*** ENTRIES SUPPLIED Section Begins ***
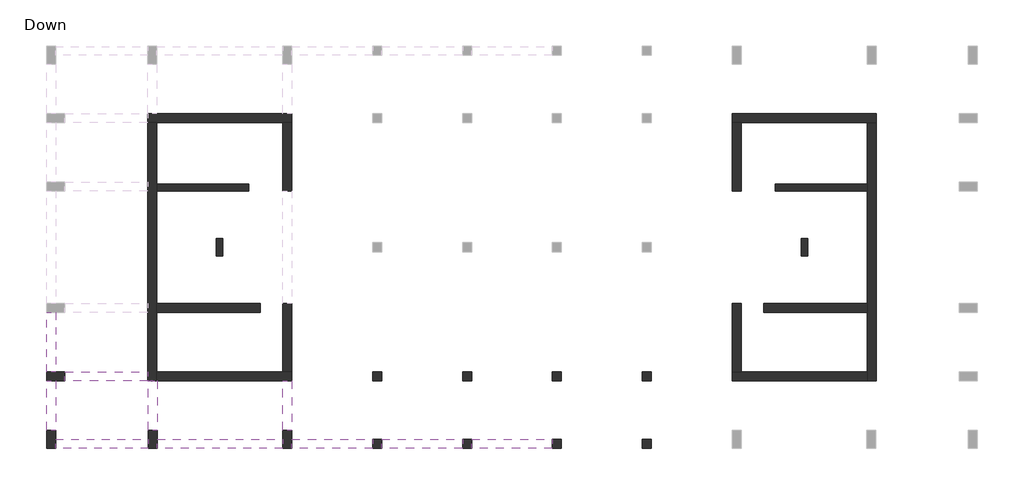
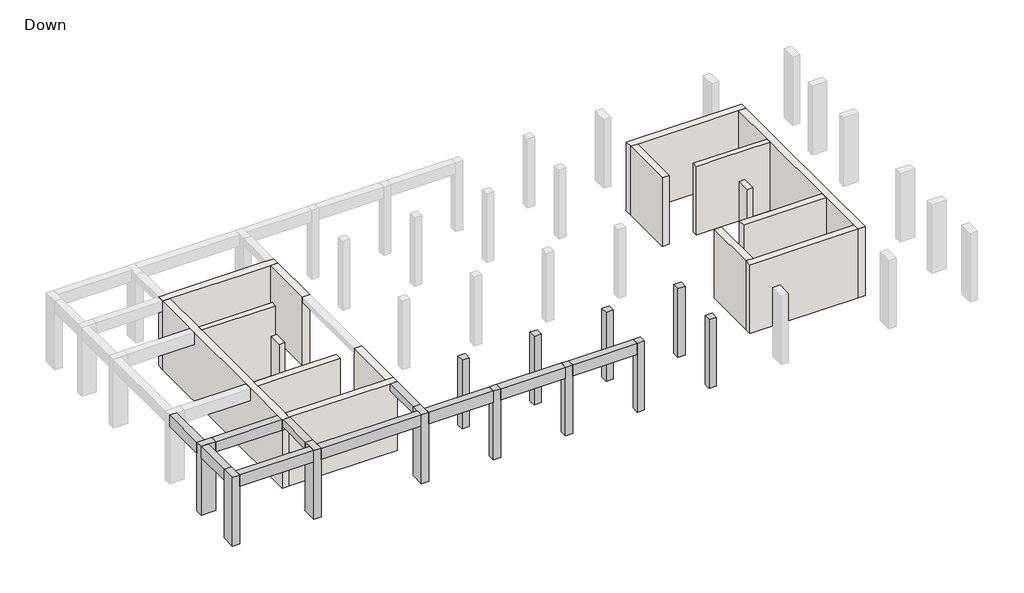
# One storey, part 1 of 2: 16 walls, 12 columns, 10 beams.
"""IFC4 building model written with IfcOpenShell, lengths in millimetres."""

from ifc_helpers import new_model, si_unit, frame, origin, origin_with_axes, place, context, project, spatial, polyline, outline, extrude, faceted_brep, element, save

model = new_model("IFC4")

# Units and contexts
model_context = context("Model", 3, world=origin())
ifc_project = project(units=[si_unit("LENGTHUNIT", "METRE", prefix="MILLI")], contexts=[model_context])

# Site, building, storey
site = spatial("IfcSite", under=ifc_project)
building = spatial("IfcBuilding", under=site)
storey = spatial("IfcBuildingStorey", under=building, Name="Down", Elevation=0.0)

# Beams
placement = place(None, origin())
element("IfcBeam", 1, ObjectType="Concrete Rectengular Beam : 40/40", at=placement, inside=storey, context=model_context, shape_type="Brep", body=[
    faceted_brep([(-15791.2573041, -5152.7195656, 4000.0), (-15391.2573041, -5152.7195656, 4000.0), (-15391.2573041, -2970.6647062, 4000.0), (-15412.8227448, -2970.6647062, 4000.0), (-15591.2573041, -2970.6647062, 4000.0), (-15591.2573041, -2974.5007845, 4000.0), (-15791.2573041, -2974.5007845, 4000.0), (-15391.2573041, -5152.7195656, 3600.0), (-15391.2573041, -2970.6647062, 3600.0), (-15391.2573041, -2970.6647062, 3850.0), (-15791.2573041, -5152.7195656, 3600.0), (-15791.2573041, -2974.5007845, 3600.0), (-15591.2573041, -2974.5007845, 3600.0), (-15591.2573041, -2970.6647062, 3600.0), (-15791.2573041, -2974.5007845, 3850.0)], [[[0, 1, 2, 3, 4, 5, 6]], [[1, 7, 8, 9, 2]], [[7, 10, 11, 12, 13, 8]], [[10, 0, 6, 14, 11]], [[1, 0, 10, 7]], [[2, 9, 8, 13, 4, 3]], [[5, 12, 11, 14, 6]], [[12, 5, 4, 13]]]),
])
element("IfcBeam", 2, ObjectType="Concrete Rectengular Beam : 40/40", at=placement, inside=storey, context=model_context, shape_type="Brep", body=[
    faceted_brep([(-9870.3374688, -5152.7195656, 4000.0), (-9470.3374688, -5152.7195656, 4000.0), (-9470.3374688, -2970.6647062, 4000.0), (-9870.3374688, -2970.6647062, 4000.0), (-9470.3374688, -5152.7195656, 3600.0), (-9470.3374688, -2970.6647062, 3600.0), (-9870.3374688, -5152.7195656, 3600.0), (-9870.3374688, -2970.6647062, 3600.0), (-9870.3374688, -2970.6647062, 3850.0)], [[[0, 1, 2, 3]], [[1, 4, 5, 2]], [[4, 6, 7, 5]], [[6, 0, 3, 8, 7]], [[1, 0, 6, 4]], [[3, 2, 5, 7, 8]]]),
])
element("IfcBeam", 3, ObjectType="Concrete Rectengular Beam : 40/60", at=placement, inside=storey, context=model_context, shape_type="Brep", body=[
    faceted_brep([(-19471.2573041, -2974.5007845, 4000.0), (-15791.2573041, -2974.5007845, 4000.0), (-15591.2573041, -2974.5007845, 4000.0), (-15591.2573041, -2970.6647062, 4000.0), (-15812.8227448, -2970.6647062, 4000.0), (-15812.8227448, -2574.5007845, 4000.0), (-19471.2573041, -2574.5007845, 4000.0), (-19471.2573041, -2974.5007845, 3400.0), (-15591.2573041, -2974.5007845, 3400.0), (-15591.2573041, -2974.5007845, 3600.0), (-19471.2573041, -2574.5007845, 3400.0), (-15812.8227448, -2574.5007845, 3400.0), (-15812.8227448, -2970.6647062, 3400.0), (-15591.2573041, -2970.6647062, 3400.0), (-15812.8227448, -2574.5007845, 3850.0), (-15591.2573041, -2970.6647062, 3600.0)], [[[0, 1, 2, 3, 4, 5, 6]], [[2, 1, 0, 7, 8, 9]], [[8, 7, 10, 11, 12, 13]], [[10, 6, 5, 14, 11]], [[0, 6, 10, 7]], [[4, 12, 11, 14, 5]], [[12, 4, 3, 15, 13]], [[2, 9, 8, 13, 15, 3]]]),
])
element("IfcBeam", 4, ObjectType="Concrete Rectengular Beam : 40/65", at=placement, inside=storey, context=model_context, shape_type="Brep", body=[
    faceted_brep([(-19871.2573041, -5548.8870638, 4000.0), (-19871.2573041, -5948.8870638, 4000.0), (-15791.2573041, -5948.8870638, 4000.0), (-15791.2573041, -5548.8870638, 4000.0), (-19871.2573041, -5948.8870638, 3350.0), (-15791.2573041, -5948.8870638, 3350.0), (-19871.2573041, -5548.8870638, 3350.0), (-15791.2573041, -5548.8870638, 3350.0), (-19871.2573041, -5548.8870638, 3850.0), (-15791.2573041, -5548.8870638, 3850.0)], [[[0, 1, 2, 3]], [[1, 4, 5, 2]], [[4, 6, 7, 5]], [[6, 8, 0, 3, 9, 7]], [[1, 0, 8, 6, 4]], [[3, 2, 5, 7, 9]]]),
])
element("IfcBeam", 5, ObjectType="Concrete Rectengular Beam : 40/65", at=placement, inside=storey, context=model_context, shape_type="Brep", body=[
    faceted_brep([(-15391.2573041, -5548.8870638, 4000.0), (-15391.2573041, -5948.8870638, 4000.0), (-9870.3374688, -5948.8870638, 4000.0), (-9870.3374688, -5548.8870638, 4000.0), (-15391.2573041, -5948.8870638, 3350.0), (-9870.3374688, -5948.8870638, 3350.0), (-15391.2573041, -5548.8870638, 3350.0), (-9870.3374688, -5548.8870638, 3350.0), (-15391.2573041, -5548.8870638, 3850.0), (-9870.3374688, -5548.8870638, 3850.0)], [[[0, 1, 2, 3]], [[1, 4, 5, 2]], [[4, 6, 7, 5]], [[6, 8, 0, 3, 9, 7]], [[1, 0, 8, 6, 4]], [[3, 2, 5, 7, 9]]]),
])
element("IfcBeam", 6, ObjectType="Concrete Rectengular Beam : 40/65", at=placement, inside=storey, context=model_context, shape_type="Brep", body=[
    faceted_brep([(-9470.3374688, -5548.8870638, 4000.0), (-9470.3374688, -5948.8870638, 4000.0), (-5908.6814696, -5948.8870638, 4000.0), (-5908.6814696, -5548.8870638, 4000.0), (-9470.3374688, -5948.8870638, 3350.0), (-5908.6814696, -5948.8870638, 3350.0), (-9470.3374688, -5548.8870638, 3350.0), (-5908.6814696, -5548.8870638, 3350.0), (-9470.3374688, -5548.8870638, 3770.0)], [[[0, 1, 2, 3]], [[1, 4, 5, 2]], [[4, 6, 7, 5]], [[6, 8, 0, 3, 7]], [[1, 0, 8, 6, 4]], [[3, 2, 5, 7]]]),
])
element("IfcBeam", 7, ObjectType="Concrete Rectengular Beam : 40/65", at=placement, inside=storey, context=model_context, shape_type="SweptSolid", body=[
    extrude(outline(polyline([(-1947.0254312, -5548.8870638), (-1947.0254312, -5948.8870638), (-5508.6814696, -5948.8870638), (-5508.6814696, -5548.8870638), (-1947.0254312, -5548.8870638)])), frame((0.0, 0.0, 3350.0), z_axis=(0.0, 0.0, 1.0), x_axis=(1.0, 0.0, 0.0)), (0.0, 0.0, 1.0), 650.0),
])
element("IfcBeam", 8, ObjectType="Concrete Rectengular Beam : 40/65", at=placement, inside=storey, context=model_context, shape_type="Brep", body=[
    faceted_brep([(-19871.2573041, 43.9061014, 4000.0), (-20271.2573041, 43.9061014, 4000.0), (-20271.2573041, -2574.5007845, 4000.0), (-19871.2573041, -2574.5007845, 4000.0), (-20271.2573041, 43.9061014, 3350.0), (-20271.2573041, -2574.5007845, 3350.0), (-19871.2573041, 43.9061014, 3350.0), (-19871.2573041, -2574.5007845, 3350.0), (-19871.2573041, 43.9061014, 3850.0), (-19871.2573041, -2574.5007845, 3850.0)], [[[0, 1, 2, 3]], [[1, 4, 5, 2]], [[4, 6, 7, 5]], [[6, 8, 0, 3, 9, 7]], [[1, 0, 8, 6, 4]], [[3, 2, 5, 7, 9]]]),
])
element("IfcBeam", 9, ObjectType="Concrete Rectengular Beam : 40/65", at=placement, inside=storey, context=model_context, shape_type="Brep", body=[
    faceted_brep([(-19871.2573041, -2974.5007845, 4000.0), (-20271.2573041, -2974.5007845, 4000.0), (-20271.2573041, -5152.7195656, 4000.0), (-19871.2573041, -5152.7195656, 4000.0), (-20271.2573041, -2974.5007845, 3350.0), (-20271.2573041, -5152.7195656, 3350.0), (-19871.2573041, -2974.5007845, 3350.0), (-19871.2573041, -5152.7195656, 3350.0), (-19871.2573041, -2974.5007845, 3850.0)], [[[0, 1, 2, 3]], [[1, 4, 5, 2]], [[4, 6, 7, 5]], [[6, 8, 0, 3, 7]], [[1, 0, 8, 6, 4]], [[3, 2, 5, 7]]]),
])
element("IfcBeam", 10, ObjectType="Concrete Rectengular Beam : 40/65", at=placement, inside=storey, context=model_context, shape_type="SweptSolid", body=[
    extrude(outline(polyline([(-1547.0254312, -5948.8870638), (-1547.0254312, -5548.8870638), (2010.7993238, -5548.8870638), (2010.7993238, -5948.8870638), (-1547.0254312, -5948.8870638)])), frame((0.0, 0.0, 3350.0), z_axis=(0.0, 0.0, 1.0), x_axis=(1.0, 0.0, 0.0)), (0.0, 0.0, 1.0), 650.0),
])

# Columns
element("IfcColumn", 11, ObjectType="Concrete Rectengular Column : 40/40", at=placement, inside=storey, context=model_context, shape_type="Brep", body=[
    faceted_brep([(-5508.6814696, -2574.5007845, 0.0), (-5508.6814696, -2974.5007845, 0.0), (-5908.6814696, -2974.5007845, 0.0), (-5908.6814696, -2574.5007845, 0.0), (-5508.6814696, -2574.5007845, 4000.0), (-5508.6814696, -2974.5007845, 4000.0), (-5508.6814696, -2974.5007845, 3770.0), (-5508.6814696, -2574.5007845, 3770.0), (-5908.6814696, -2974.5007845, 4000.0), (-5908.6814696, -2974.5007845, 3770.0), (-5908.6814696, -2574.5007845, 4000.0), (-5908.6814696, -2574.5007845, 3770.0)], [[[0, 1, 2, 3]], [[4, 5, 6, 1, 0, 7]], [[5, 8, 9, 2, 1, 6]], [[8, 10, 11, 3, 2, 9]], [[10, 4, 7, 0, 3, 11]], [[4, 10, 8, 5]]]),
])
element("IfcColumn", 12, ObjectType="Concrete Rectengular Column : 40/40", at=placement, inside=storey, context=model_context, shape_type="Brep", body=[
    faceted_brep([(-1547.0254312, -2574.5007845, 0.0), (-1547.0254312, -2974.5007845, 0.0), (-1947.0254312, -2974.5007845, 0.0), (-1947.0254312, -2574.5007845, 0.0), (-1547.0254312, -2574.5007845, 4000.0), (-1547.0254312, -2974.5007845, 4000.0), (-1547.0254312, -2974.5007845, 3770.0), (-1547.0254312, -2574.5007845, 3770.0), (-1947.0254312, -2974.5007845, 4000.0), (-1947.0254312, -2974.5007845, 3770.0), (-1947.0254312, -2574.5007845, 4000.0), (-1947.0254312, -2574.5007845, 3770.0)], [[[0, 1, 2, 3]], [[4, 5, 6, 1, 0, 7]], [[5, 8, 9, 2, 1, 6]], [[8, 10, 11, 3, 2, 9]], [[10, 4, 7, 0, 3, 11]], [[4, 10, 8, 5]]]),
])
element("IfcColumn", 13, ObjectType="Concrete Rectengular Column : 40/40", at=placement, inside=storey, context=model_context, shape_type="SweptSolid", body=[
    extrude(outline(polyline([(-1547.0254312, -5548.8870638), (-1547.0254312, -5948.8870638), (-1947.0254312, -5948.8870638), (-1947.0254312, -5548.8870638), (-1547.0254312, -5548.8870638)])), origin_with_axes(), (0.0, 0.0, 1.0), 4000.0),
])
element("IfcColumn", 14, ObjectType="Concrete Rectengular Column : 40/40", at=placement, inside=storey, context=model_context, shape_type="SweptSolid", body=[
    extrude(outline(polyline([(-5508.6814696, -5548.8870638), (-5508.6814696, -5948.8870638), (-5908.6814696, -5948.8870638), (-5908.6814696, -5548.8870638), (-5508.6814696, -5548.8870638)])), origin_with_axes(), (0.0, 0.0, 1.0), 4000.0),
])
element("IfcColumn", 15, ObjectType="Concrete Rectengular Column : 40/40", at=placement, inside=storey, context=model_context, shape_type="Brep", body=[
    faceted_brep([(5972.4553623, -2574.5007845, 0.0), (6372.4553623, -2574.5007845, 0.0), (6372.4553623, -2974.5007845, 0.0), (5972.4553623, -2974.5007845, 0.0), (5972.4553623, -2574.5007845, 4000.0), (5972.4553623, -2574.5007845, 3770.0), (5972.4553623, -2974.5007845, 3770.0), (5972.4553623, -2974.5007845, 4000.0), (6372.4553623, -2974.5007845, 3770.0), (6372.4553623, -2974.5007845, 4000.0), (6372.4553623, -2574.5007845, 3770.0), (6372.4553623, -2574.5007845, 4000.0)], [[[0, 1, 2, 3]], [[4, 5, 0, 3, 6, 7]], [[7, 6, 3, 2, 8, 9]], [[9, 8, 2, 1, 10, 11]], [[11, 10, 1, 0, 5, 4]], [[4, 7, 9, 11]]]),
])
element("IfcColumn", 16, ObjectType="Concrete Rectengular Column : 40/40", at=placement, inside=storey, context=model_context, shape_type="Brep", body=[
    faceted_brep([(2010.7993238, -2574.5007845, 0.0), (2410.7993238, -2574.5007845, 0.0), (2410.7993238, -2974.5007845, 0.0), (2010.7993238, -2974.5007845, 0.0), (2010.7993238, -2574.5007845, 4000.0), (2010.7993238, -2574.5007845, 3770.0), (2010.7993238, -2974.5007845, 3770.0), (2010.7993238, -2974.5007845, 4000.0), (2410.7993238, -2974.5007845, 3770.0), (2410.7993238, -2974.5007845, 4000.0), (2410.7993238, -2574.5007845, 3770.0), (2410.7993238, -2574.5007845, 4000.0)], [[[0, 1, 2, 3]], [[4, 5, 0, 3, 6, 7]], [[7, 6, 3, 2, 8, 9]], [[9, 8, 2, 1, 10, 11]], [[11, 10, 1, 0, 5, 4]], [[4, 7, 9, 11]]]),
])
element("IfcColumn", 17, ObjectType="Concrete Rectengular Column : 40/40", at=placement, inside=storey, context=model_context, shape_type="SweptSolid", body=[
    extrude(outline(polyline([(2010.7993238, -5548.8870638), (2410.7993238, -5548.8870638), (2410.7993238, -5948.8870638), (2010.7993238, -5948.8870638), (2010.7993238, -5548.8870638)])), origin_with_axes(), (0.0, 0.0, 1.0), 4000.0),
])
element("IfcColumn", 18, ObjectType="Concrete Rectengular Column : 40/40", at=placement, inside=storey, context=model_context, shape_type="SweptSolid", body=[
    extrude(outline(polyline([(5972.4553623, -5548.8870638), (6372.4553623, -5548.8870638), (6372.4553623, -5948.8870638), (5972.4553623, -5948.8870638), (5972.4553623, -5548.8870638)])), origin_with_axes(), (0.0, 0.0, 1.0), 4000.0),
])
element("IfcColumn", 19, ObjectType="Concrete Rectengular Column : 40/80", at=placement, inside=storey, context=model_context, shape_type="Brep", body=[
    faceted_brep([(-20271.2573041, -2574.5007845, 0.0), (-19471.2573041, -2574.5007845, 0.0), (-19471.2573041, -2974.5007845, 0.0), (-20271.2573041, -2974.5007845, 0.0), (-20271.2573041, -2574.5007845, 4000.0), (-19871.2573041, -2574.5007845, 4000.0), (-19471.2573041, -2574.5007845, 4000.0), (-19471.2573041, -2974.5007845, 4000.0), (-19871.2573041, -2974.5007845, 4000.0), (-20271.2573041, -2974.5007845, 4000.0)], [[[0, 1, 2, 3]], [[4, 5, 6, 1, 0]], [[6, 7, 2, 1]], [[7, 8, 9, 3, 2]], [[9, 4, 0, 3]], [[4, 9, 8, 7, 6, 5]]]),
])
element("IfcColumn", 20, ObjectType="Concrete Rectengular Column : 40/80", at=placement, inside=storey, context=model_context, shape_type="Brep", body=[
    faceted_brep([(-19871.2573041, -5152.7195656, 0.0), (-19871.2573041, -5952.7195656, 0.0), (-20271.2573041, -5952.7195656, 0.0), (-20271.2573041, -5152.7195656, 0.0), (-19871.2573041, -5152.7195656, 4000.0), (-19871.2573041, -5548.8870638, 4000.0), (-19871.2573041, -5952.7195656, 4000.0), (-20271.2573041, -5952.7195656, 4000.0), (-20271.2573041, -5152.7195656, 4000.0)], [[[0, 1, 2, 3]], [[4, 5, 6, 1, 0]], [[6, 7, 2, 1]], [[7, 8, 3, 2]], [[8, 4, 0, 3]], [[4, 8, 7, 6, 5]]]),
])
element("IfcColumn", 21, ObjectType="Concrete Rectengular Column : 40/80", at=placement, inside=storey, context=model_context, shape_type="Brep", body=[
    faceted_brep([(-15391.2573041, -5152.7195656, 0.0), (-15391.2573041, -5952.7195656, 0.0), (-15791.2573041, -5952.7195656, 0.0), (-15791.2573041, -5152.7195656, 0.0), (-15391.2573041, -5152.7195656, 4000.0), (-15391.2573041, -5548.8870638, 4000.0), (-15391.2573041, -5952.7195656, 4000.0), (-15791.2573041, -5952.7195656, 4000.0), (-15791.2573041, -5548.8870638, 4000.0), (-15791.2573041, -5152.7195656, 4000.0)], [[[0, 1, 2, 3]], [[4, 5, 6, 1, 0]], [[6, 7, 2, 1]], [[7, 8, 9, 3, 2]], [[9, 4, 0, 3]], [[4, 9, 8, 7, 6, 5]]]),
])
element("IfcColumn", 22, ObjectType="Concrete Rectengular Column : 40/80", at=placement, inside=storey, context=model_context, shape_type="Brep", body=[
    faceted_brep([(-9470.3374688, -5152.7195656, 0.0), (-9470.3374688, -5952.7195656, 0.0), (-9870.3374688, -5952.7195656, 0.0), (-9870.3374688, -5152.7195656, 0.0), (-9470.3374688, -5152.7195656, 4000.0), (-9470.3374688, -5548.8870638, 4000.0), (-9470.3374688, -5952.7195656, 4000.0), (-9870.3374688, -5952.7195656, 4000.0), (-9870.3374688, -5548.8870638, 4000.0), (-9870.3374688, -5152.7195656, 4000.0)], [[[0, 1, 2, 3]], [[4, 5, 6, 1, 0]], [[6, 7, 2, 1]], [[7, 8, 9, 3, 2]], [[9, 4, 0, 3]], [[4, 9, 8, 7, 6, 5]]]),
])

# Walls
element("IfcWall", 23, ObjectType="30", at=placement, inside=storey, context=model_context, shape_type="Brep", body=[
    faceted_brep([(-15412.8227448, 5394.6720806, 0.0), (-11354.3869672, 5394.6720806, 0.0), (-11354.3869672, 5394.6720806, 3770.0), (-11354.3869672, 5394.6720806, 4000.0), (-12794.417038, 5394.6720806, 4000.0), (-15412.8227448, 5394.6720806, 4000.0), (-15412.8227448, 5694.6720806, 0.0), (-15412.8227448, 5694.6720806, 4000.0), (-11354.3869672, 5694.6720806, 4000.0), (-11354.3869672, 5694.6720806, 0.0)], [[[0, 1, 2, 3, 4, 5]], [[6, 7, 8, 9]], [[1, 0, 6, 9]], [[3, 2, 1, 9, 8]], [[5, 4, 3, 8, 7]], [[0, 5, 7, 6]]]),
])
element("IfcWall", 24, ObjectType="30", at=placement, inside=storey, context=model_context, shape_type="Brep", body=[
    faceted_brep([(-12798.865318, 3298.8134973, 0.0), (-12798.865318, 2525.3463223, 0.0), (-12798.865318, 2525.3463223, 4000.0), (-12798.865318, 3298.8134973, 4000.0), (-12498.865318, 3298.8134973, 0.0), (-12498.865318, 3298.8134973, 3770.0), (-12498.865318, 3298.8134973, 4000.0), (-12498.865318, 2525.3463223, 4000.0), (-12498.865318, 2525.3463223, 3770.0), (-12498.865318, 2525.3463223, 0.0), (-12794.417038, 2525.3463223, 4000.0), (-12794.417038, 3298.8134973, 4000.0)], [[[0, 1, 2, 3]], [[4, 5, 6, 7, 8, 9]], [[1, 0, 4, 9]], [[2, 1, 9, 8, 7, 10]], [[3, 2, 10, 7, 6, 11]], [[0, 3, 11, 6, 5, 4]]]),
])
element("IfcWall", 25, ObjectType="30", at=placement, inside=storey, context=model_context, shape_type="Brep", body=[
    faceted_brep([(15876.5966375, 5694.6720806, 0.0), (11818.1608598, 5694.6720806, 0.0), (11818.1608598, 5694.6720806, 4000.0), (15876.5966375, 5694.6720806, 4000.0), (15876.5966375, 5394.6720806, 0.0), (15876.5966375, 5394.6720806, 4000.0), (13258.1909307, 5394.6720806, 4000.0), (11818.1608598, 5394.6720806, 4000.0), (11818.1608598, 5394.6720806, 3770.0), (11818.1608598, 5394.6720806, 0.0)], [[[0, 1, 2, 3]], [[4, 5, 6, 7, 8, 9]], [[1, 0, 4, 9]], [[2, 1, 9, 8, 7]], [[3, 2, 7, 6, 5]], [[0, 3, 5, 4]]]),
])
element("IfcWall", 26, ObjectType="30", at=placement, inside=storey, context=model_context, shape_type="Brep", body=[
    faceted_brep([(12962.6392106, 3298.8134973, 0.0), (12962.6392106, 2525.3463223, 0.0), (12962.6392106, 2525.3463223, 3770.0), (12962.6392106, 2525.3463223, 4000.0), (12962.6392106, 3298.8134973, 4000.0), (12962.6392106, 3298.8134973, 3770.0), (13262.6392106, 3298.8134973, 0.0), (13262.6392106, 3298.8134973, 4000.0), (13262.6392106, 2525.3463223, 4000.0), (13262.6392106, 2525.3463223, 0.0), (13258.1909307, 2525.3463223, 4000.0), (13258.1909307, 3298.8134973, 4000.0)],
*** ENTRIES SUPPLIED Section Ends ***
PROBLEM DESCRIPTION:
Give solely the number of lines in the data that contain the string "under".

ANSWER BELOW:
3